Police arrested Farrer on Oct. 6, charging him with rape in which the victim is mentally disabled or deficient, unable to consent. He posted the required bond -- $2,500 cash -- and was released from jail that day after promising to appear in court for his Oct. 13 initial hearing, where he pleaded not guilty.
In November, a sexual misconduct hearing on the incident was held before a three-person panel in a conference room at IU's ethics office. They heard evidence in the case and found in woman's favor, holding Farrer accountable for what had happened. He was expelled from IU, where he had been a cadet on the IU police force and an ROTC officer.
However Farrer argued that it was the woman, not him, who initiated that sexual encounter, but the criminal case moved forward.

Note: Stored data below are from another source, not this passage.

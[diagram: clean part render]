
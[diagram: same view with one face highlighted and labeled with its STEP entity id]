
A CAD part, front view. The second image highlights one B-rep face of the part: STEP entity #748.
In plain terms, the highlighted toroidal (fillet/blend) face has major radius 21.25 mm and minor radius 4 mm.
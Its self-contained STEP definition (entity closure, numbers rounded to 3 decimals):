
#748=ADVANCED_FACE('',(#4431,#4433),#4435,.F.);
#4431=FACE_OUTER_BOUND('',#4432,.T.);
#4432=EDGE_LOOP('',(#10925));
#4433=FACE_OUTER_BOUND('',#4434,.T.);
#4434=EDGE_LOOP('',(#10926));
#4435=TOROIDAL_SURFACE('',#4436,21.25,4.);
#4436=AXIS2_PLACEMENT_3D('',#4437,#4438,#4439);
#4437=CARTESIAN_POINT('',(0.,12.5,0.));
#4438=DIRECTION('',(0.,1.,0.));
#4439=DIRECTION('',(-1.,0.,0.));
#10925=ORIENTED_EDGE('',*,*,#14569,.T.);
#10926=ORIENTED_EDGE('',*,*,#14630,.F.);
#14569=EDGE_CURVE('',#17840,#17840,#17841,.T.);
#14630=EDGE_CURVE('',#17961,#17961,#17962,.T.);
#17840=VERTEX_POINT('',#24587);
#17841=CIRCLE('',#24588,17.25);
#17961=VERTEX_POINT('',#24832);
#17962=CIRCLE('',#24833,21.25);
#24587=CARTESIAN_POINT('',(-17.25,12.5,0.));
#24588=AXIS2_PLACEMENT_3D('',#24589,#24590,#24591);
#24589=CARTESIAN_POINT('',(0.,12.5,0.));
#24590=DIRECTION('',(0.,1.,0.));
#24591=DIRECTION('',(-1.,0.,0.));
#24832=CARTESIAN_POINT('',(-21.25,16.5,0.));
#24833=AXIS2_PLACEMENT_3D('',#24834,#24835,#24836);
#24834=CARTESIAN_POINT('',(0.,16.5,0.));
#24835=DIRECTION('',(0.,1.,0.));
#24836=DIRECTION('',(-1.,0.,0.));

Then the first week of September Monroe County Prosecutor Judith Coffey filed a motion to dismiss the case.
The woman was shocked and asked to meet with the prosecutor.
Chief Prosecutor Bob Miller told the woman there was insufficient evidence to move forward with the case, saying the dismissal was inevitable saying under Indiana's rape statute, a person's impairment or level of intoxication must be so great that they are unaware of the sexual conduct which was not what happened in this case.
The woman who now suffers from a post-traumatic stress disorder diagnosis has a therapy dog, and is set to graduate from IU in December.
Both her and Farrer are thinking of filing civil lawsuits.